I knew next to nothing about the country of Azerbaijan or its capital city, Baku, before my visit. My guidebook describes Baku as “the architectural love child of Paris and Dubai, with plenty of Soviet genes floating half-hidden in the background. Nowhere else do East and West blend as seamlessly and as chaotically.” That’s a bit dramatic, but perhaps not too far off the mark: In my brief stay I found the city and fascinating and unique.
My host at ADA University takes the prize for most enthusiastic to date. The run-up to my visit included over-the-top advertising and numerous exuberant emails. Once I arrived I found the participants to be as enthusiastic as the host, shouting out their guesses at answers even before I asked the questions, lining up to chat with me at every break, and taking more photos than their counterparts in Southeast Asia, which I hadn’t thought possible. (Incidentally, it’s a matter of debate whether Azerbaijan is part of Asia or Europe.) I’ve been keeping up a very modest social media stream along with this blog: an Instagram feed with one captioned photo per day, and a Facebook page that simply reposts the daily photos along with links to this blog. In Azerbaijan not only were the host and participants enthusiastic in person, but my posts experienced a social media explosion. I should be clear that “explosion” is relative to the starting point: I went from 10–20 “likes” on each Instagram photo to a whopping 50+, and from 200–300 “people reached” on Facebook posts to over 2000. It’s still a long way to social media stardom.
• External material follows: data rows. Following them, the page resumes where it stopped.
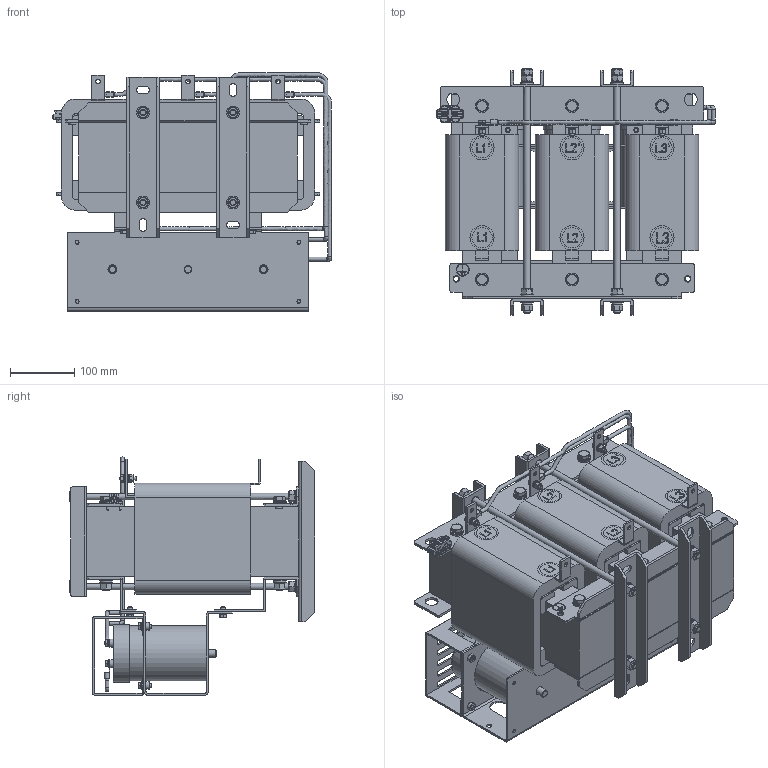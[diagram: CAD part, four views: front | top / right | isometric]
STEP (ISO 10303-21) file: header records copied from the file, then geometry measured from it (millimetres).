
FILE_DESCRIPTION(('STEP AP203'), '1');
FILE_NAME('蔓躅漤铋 耔眢耥 翳朦蝠 _ ISINOF-75_96-6', '', ('UNSPECIFIED'), ('UNSPECIFIED'), 'C3D Converter', 'C3D Toolkit', '');
FILE_SCHEMA(('CONFIG_CONTROL_DESIGN'));
Length unit declared in the file: millimetre
Products named in the file (42): ISINOF-75/96-6; LРНЦ吭X2\04560415\X0\; LРНЦ吭X2\04560415\X0\1; RNB14-6S; 吒X2\0425\X0\86-145; UРН琵X2\042704050415\X0\ 60x30x4; UРНС№Мх 50x25x4; 琵X2\0428\X0\崤X2\043A\X0\; 琵X2\04370418042D0458042C\X0\ ; ёЗЧУ; ЅЗіЕМх10x10x170; ї琵X2\041E\X0\做зЧУKV223-2P; А降еМх340-60-1; БщЅЗВЭЛЁM10; ДёЕЕ琵X2\0436\X0\豹X2\0435\X0\; ДЪДёЕЕ20x3; ИэПаМъРѕ340-330-108ЈЁ60-140; ЙПјРјю400-55-4ЈЁ60-140; НвДёЕЕ20x3; ПВјРјю340-55-4(60-140; ПВјРјю340-55-4(60-140 ЅУ琵X2\0428\X0\; ПЯИ¦96A; plain washers--product grade c gb_GB_FASTENER_WASHER_SMWC 10; spring lock washers--normal type gb_GB_FASTENER_WASHER_SW 10; hexagon nuts grade c gb_GB_FASTENER_NUT_SNC1 M10-N; M10X380; plain washers--product grade c gb_GB_FASTENER_WASHER_SMWC 6; hex head bolts-full thread grade c gb_GB_FASTENER_BOLT_HHBFTC M6X12-N; hex head bolts-full thread grade c gb_GB_FASTENER_BOLT_HHBFTC M6X20-N; spring lock washers--normal type gb_GB_FASTENER_WASHER_SW 6; hexagon nuts grade c gb_GB_FASTENER_NUT_SNC1 M6-N; Cable_1-ХэПТІЁВЛІЁЖчSKS-SF-0096-6AЈЇ05-001; 琵X2\043704100412\X0\^Cable_1-ХэПТІЁВЛІЁЖчSKS-SF-0096-6AЈЇ05-001; Cable_2-ХэПТІЁВЛІЁЖчSKS-SF-0096-6AЈЇ05; 琵X2\043704100412\X0\^Cable_2-ХэПТІЁВЛІЁЖчSKS-SF-0096-6AЈЇ05; Cable_3-ХэПТІЁВЛІЁЖчSKS-SF-0096-6AЈЇ05; 琵X2\043704100412\X0\^Cable_3-ХэПТІЁВЛІЁЖчSKS-SF-0096-6AЈЇ05; Cable_4-ХэПТІЁВЛІЁЖчSKS-SF-0096-6AЈЇ05; 琵X2\043704100412\X0\^Cable_4-ХэПТІЁВЛІЁЖчSKS-SF-0096-6AЈЇ05; hex head bolts-full thread grade c gb_GB_FASTENER_BOLT_HHBFTC M6X16-N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
Assembly tree (194 placements, depth 3):
  ISINOF-75/96-6
    LРНЦ吭X2\04560415\X0\  x2
    LРНЦ吭X2\04560415\X0\1  x2
    RNB14-6S  x9
    吒X2\0425\X0\86-145  x3
    UРН琵X2\042704050415\X0\ 60x30x4  x2
    UРНС№Мх 50x25x4  x2
    琵X2\0428\X0\崤X2\043A\X0\
    琵X2\04370418042D0458042C\X0\ 
    ёЗЧУ
    ЅЗіЕМх10x10x170  x12
    ї琵X2\041E\X0\做зЧУKV223-2P
    А降еМх340-60-1  x6
    БщЅЗВЭЛЁM10  x6
    ДёЕЕ琵X2\0436\X0\豹X2\0435\X0\  x3
    ДЪДёЕЕ20x3  x3
    ИэПаМъРѕ340-330-108ЈЁ60-140
    ЙПјРјю400-55-4ЈЁ60-140  x2
    НвДёЕЕ20x3  x3
    ПВјРјю340-55-4(60-140
    ПВјРјю340-55-4(60-140 ЅУ琵X2\0428\X0\
    ПЯИ¦96A  x3
    plain washers--product grade c gb_GB_FASTENER_WASHER_SMWC 10  x36
    spring lock washers--normal type gb_GB_FASTENER_WASHER_SW 10  x14
    hexagon nuts grade c gb_GB_FASTENER_NUT_SNC1 M10-N  x22
    M10X380  x4
    plain washers--product grade c gb_GB_FASTENER_WASHER_SMWC 6  x20
    hex head bolts-full thread grade c gb_GB_FASTENER_BOLT_HHBFTC M6X12-N  x10
    hex head bolts-full thread grade c gb_GB_FASTENER_BOLT_HHBFTC M6X20-N  x3
    spring lock washers--normal type gb_GB_FASTENER_WASHER_SW 6  x3
    hexagon nuts grade c gb_GB_FASTENER_NUT_SNC1 M6-N  x3
    Cable_1-ХэПТІЁВЛІЁЖчSKS-SF-0096-6AЈЇ05-001
      琵X2\043704100412\X0\^Cable_1-ХэПТІЁВЛІЁЖчSKS-SF-0096-6AЈЇ05-001
    Cable_2-ХэПТІЁВЛІЁЖчSKS-SF-0096-6AЈЇ05
      琵X2\043704100412\X0\^Cable_2-ХэПТІЁВЛІЁЖчSKS-SF-0096-6AЈЇ05
    Cable_3-ХэПТІЁВЛІЁЖчSKS-SF-0096-6AЈЇ05
      琵X2\043704100412\X0\^Cable_3-ХэПТІЁВЛІЁЖчSKS-SF-0096-6AЈЇ05
    Cable_4-ХэПТІЁВЛІЁЖчSKS-SF-0096-6AЈЇ05
      琵X2\043704100412\X0\^Cable_4-ХэПТІЁВЛІЁЖчSKS-SF-0096-6AЈЇ05
    hex head bolts-full thread grade c gb_GB_FASTENER_BOLT_HHBFTC M6X16-N  x4
    L1 L2 L3МщЦЅ
    L1ЎЇ L2Ўｮ L3ЎЇМщЦЅ
Bounding box: 433.92 x 382.6 x 370.68 mm (x, y, z)
Volume: 18377788.4 mm3; surface area: 2748991.7 mm2
Topology: 214 solids, 214 shells, 2652 faces, 6041 edges, 3936 vertices
Faces by surface type: plane 1653, cylinder 688, cone 269, bspline 25, torus 17
Full cylindrical faces by diameter (mm): 3 x2, 3.8 x2, 4 x4, 4.917 x3, 6 x59, 6.2 x9, 6.4 x9, 6.6 x20, 6.68 x3, 7 x9, 8 x8, 8.376 x22, 9.88 x3, 10 x10, 10.9 x14, 11 x38, 12 x27, 12.5 x6, 14 x44, 16.1 x14, 18.2 x1, 19 x1, 20 x41, 31.5 x6, 37.5 x6, 86 x6, 90 x6
Entity records: 60174 total; most frequent: CARTESIAN_POINT 16279, DIRECTION 6079, ORIENTED_EDGE 5594, EDGE_CURVE 2797, AXIS2_PLACEMENT_3D 2132, VERTEX_POINT 1958, LINE 1815, VECTOR 1815
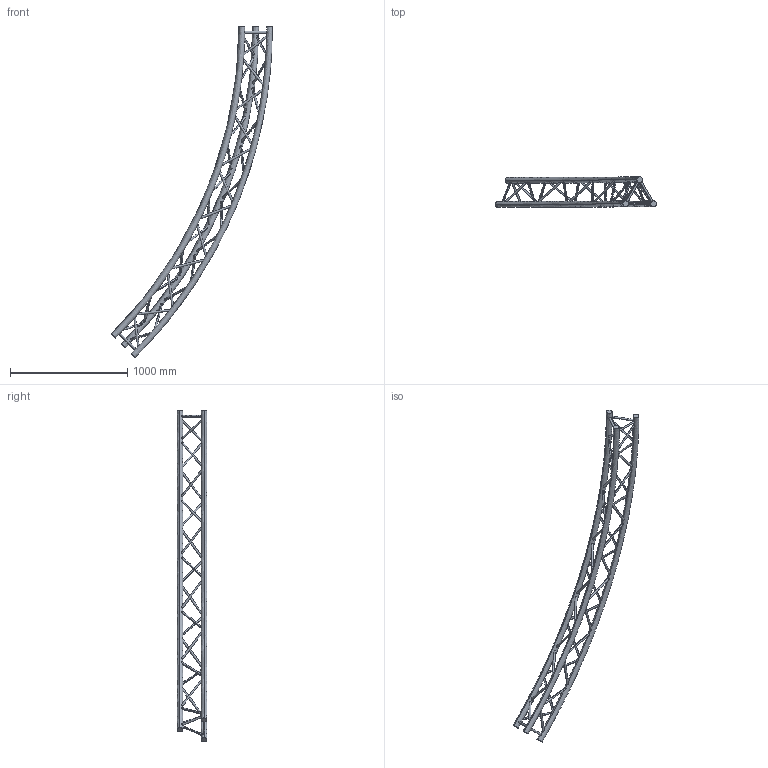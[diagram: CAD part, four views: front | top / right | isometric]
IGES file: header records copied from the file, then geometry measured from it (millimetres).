
Start section: SolidWorks IGES file using analytic representation for surfaces
Global section: file name: K:\BIBLIO\asd_biblio\SX290\Cercles\SXC29800PH\SXC29800PH.IGS; native system: SolidWorks 2009; preprocessor: SolidWorks 2009; author: des3; date: 091021.101936; units: millimetre
Bounding box: 1374.51 x 255.25 x 2828.43 mm (x, y, z)
Surface area: 1959424.8 mm2 (no closed solid volume)
Topology: 0 solids, 0 shells, 96 faces, 6914 edges, 6914 vertices
Faces by surface type: revolution 84, bspline 12
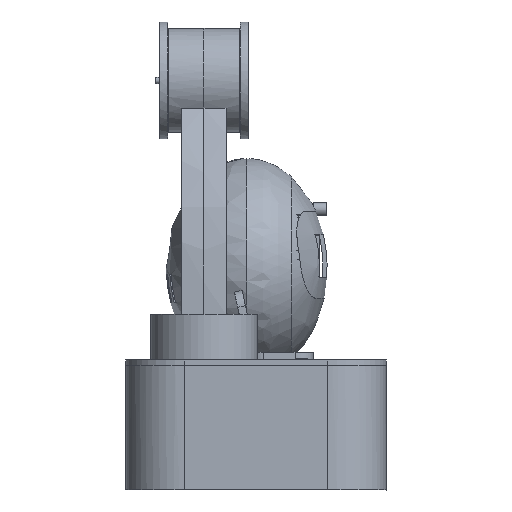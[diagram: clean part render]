
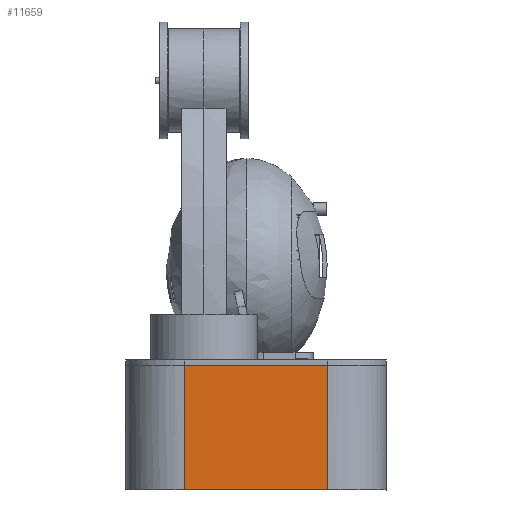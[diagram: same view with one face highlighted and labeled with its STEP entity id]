
A CAD part, left-side view. The second image highlights one B-rep face of the part: STEP entity #11659.
In plain terms, the highlighted planar face has unit normal (-1, 0, 0).
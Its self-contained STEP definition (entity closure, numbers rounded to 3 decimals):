
#175=DIRECTION('',(-1.0,0.0,0.0));
#1099=DIRECTION('',(0.0,1.0,0.0));
#1334=DIRECTION('',(0.0,-1.,0.0));
#10427=DIRECTION('',(0.0,-1.0,0.));
#10428=VECTOR('',#10427,110.);
#10429=CARTESIAN_POINT('',(-320.0,55.,0.));
#10430=LINE('',#10429,#10428);
#10431=CARTESIAN_POINT('',(-320.0,-55.,0.));
#10432=VERTEX_POINT('',#10431);
#10433=VERTEX_POINT('',#10429);
#10434=EDGE_CURVE('',#10433,#10432,#10430,.T.);
#11171=CARTESIAN_POINT('',(-320.,55.,96.));
#11175=VERTEX_POINT('',#11171);
#11309=CARTESIAN_POINT('',(-320.,-55.,96.));
#11310=VERTEX_POINT('',#11309);
#11313=VECTOR('',#1099,110.);
#11314=LINE('',#11309,#11313);
#11315=EDGE_CURVE('',#11310,#11175,#11314,.T.);
#11643=AXIS2_PLACEMENT_3D('',#10429,#175,#1334);
#11644=PLANE('',#11643);
#11645=DIRECTION('',(0.,0.0,-1.0));
#11646=VECTOR('',#11645,96.);
#11647=LINE('',#11309,#11646);
#11648=EDGE_CURVE('',#11310,#10432,#11647,.T.);
#11649=ORIENTED_EDGE('',*,*,#11648,.F.);
#11650=ORIENTED_EDGE('',*,*,#10434,.T.);
#11651=DIRECTION('',(0.,0.0,1.0));
#11652=VECTOR('',#11651,96.);
#11653=LINE('',#10429,#11652);
#11654=EDGE_CURVE('',#10433,#11175,#11653,.T.);
#11655=ORIENTED_EDGE('',*,*,#11654,.F.);
#11656=ORIENTED_EDGE('',*,*,#11315,.T.);
#11657=EDGE_LOOP('',(#11656,#11655,#11650,#11649));
#11658=FACE_BOUND('',#11657,.T.);
#11659=ADVANCED_FACE('',(#11658),#11644,.T.);
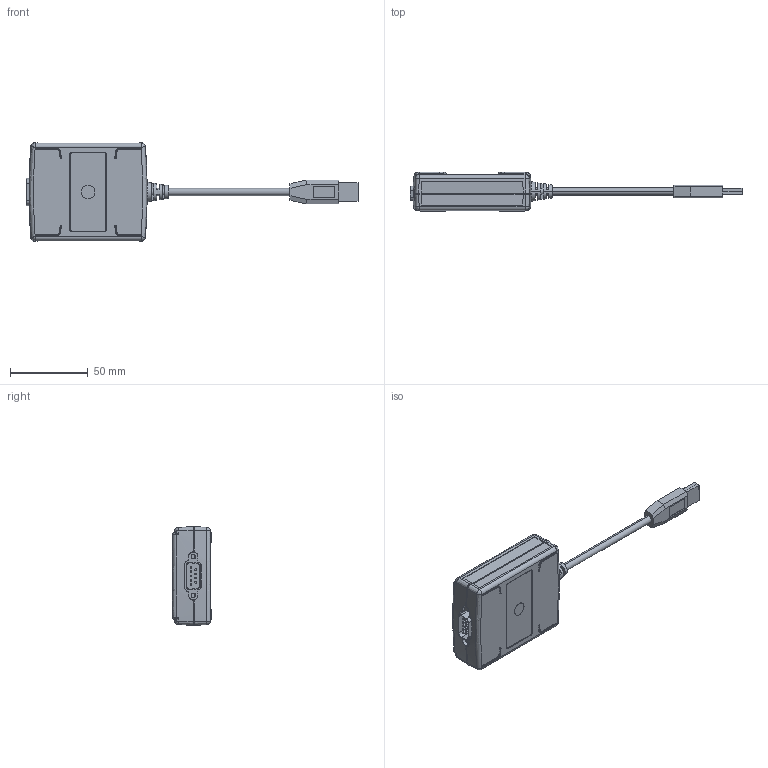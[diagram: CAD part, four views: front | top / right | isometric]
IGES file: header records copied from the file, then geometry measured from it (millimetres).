
Start section:  PTC IGES file: cu_assy_usb-can.igs
Global section: file name: cu_assy_usb-can.igs; native system: Pro/ENGINEER by Parametric Technology Corporation; preprocessor: 2006080; author: jpfaff; organization: Unknown; date: 090916.134113; units: inch
Bounding box: 214.15 x 25.3 x 63.5 mm (x, y, z)
Surface area: 37019.5 mm2 (no closed solid volume)
Topology: 0 solids, 0 shells, 1794 faces, 7980 edges, 7980 vertices
Faces by surface type: revolution 1175, bspline 619

In addition to the by now standard Big Data short-course, the very active Azerbaijan chapter of the ACM professional society for computing scheduled its annual half-day conference for women in technology to coincide with my visit. I joined a panel of Azerbaijani women who mostly began as mathematicians and then switched to various types of tech. The discussion was lively, with many questions from the audience and stories from the panelists. As the panel came to a close, the women very much wanted to make sure I didn’t leave with a poor impression of Azerbaijani men. As one woman said: “It’s Saturday, we’re all here and our husbands are at home with the kids. Who can complain about that?” The proceedings were conducted in Azeri (a standard nickname for the Azerbaijani language), so I was provided with a professional “whispered interpreter.” He was remarkably effective at simultaneous translation — Azeri in and English out, fully parallel without missing a beat — allowing me to feel completely immersed in the discussion.
My visit had just one annoyance, and an unexpected one: problems with basic technology. I’ve had so little trouble connecting my laptop to whatever form of projection I find at one remote destination after another that I’ve pretty much stopped worrying about it. (I do carry an arsenal of cables, connectors, adapters, etc., but I’ve always been able to produce the right combination without too much fuss.) ADA University was the first place with serious difficulties, and it wasn’t because of too little technology, it was too much! I’m absolutely convinced the world is better off with trusty old projectors and pull-down screens than with “multi-mode tiled smart-panels.” We got past each of the several hurdles eventually, but it cost us an hour or two of teaching time.
I’ve been asked several times what datasets I use for hands-on teaching of Big Data. The truth is that only Small Data is manageable with this number of students in such a wide variety of settings, but I’m very careful to ensure that all of the tools and techniques we use apply equally well to much bigger datasets. (For example, when we work with spreadsheets — which, incidentally, are surprisingly powerful for data analysis — students aren’t allowed to scroll through the data, since that approach wouldn’t scale to millions of data items.) Primarily we use two datasets: European city temperatures and soccer world cup statistics. Over the short-course we:
- Learn many different ways of discovering and visualizing the inverse correlation between latitude and temperature (when latitude increases temperature decreases, generally speaking).
- Find out that, in the 2010 world cup, defenders made twice as many passes on average as forwards, that the overall winner (Spain) also had the overall highest number of passes per minute, and that Lionel Messi’s performance was an outlier.
- Calculate that cities in the European Union are warmer on average than non-EU cities by a small margin, but the gap will increase after Brexit.
- Discover that “decision trees” do better than “random forests” at predicting a soccer player’s position from his performance (measured in minutes, passes, tackles, shots, and saves), and that “naive Bayes” predicts city temperatures best using latitude only, while other methods do better using both longitude and latitude. (Machine learning folks: take note!)
Although I’ve been using the same datasets for several months now, the Azerbaijanis were the first to point out an error: The country of Bosnia and Herzegovina is listed as having no coastline, but if you look very closely it boasts a tiny bit.
On to Mauritius, my last stop for now. I’ll miss the instructional odyssey. It was great to stop through a place like Azerbaijan — one I knew nothing about — and spend a few days with folks who were immensely appreciative of my visit and teaching.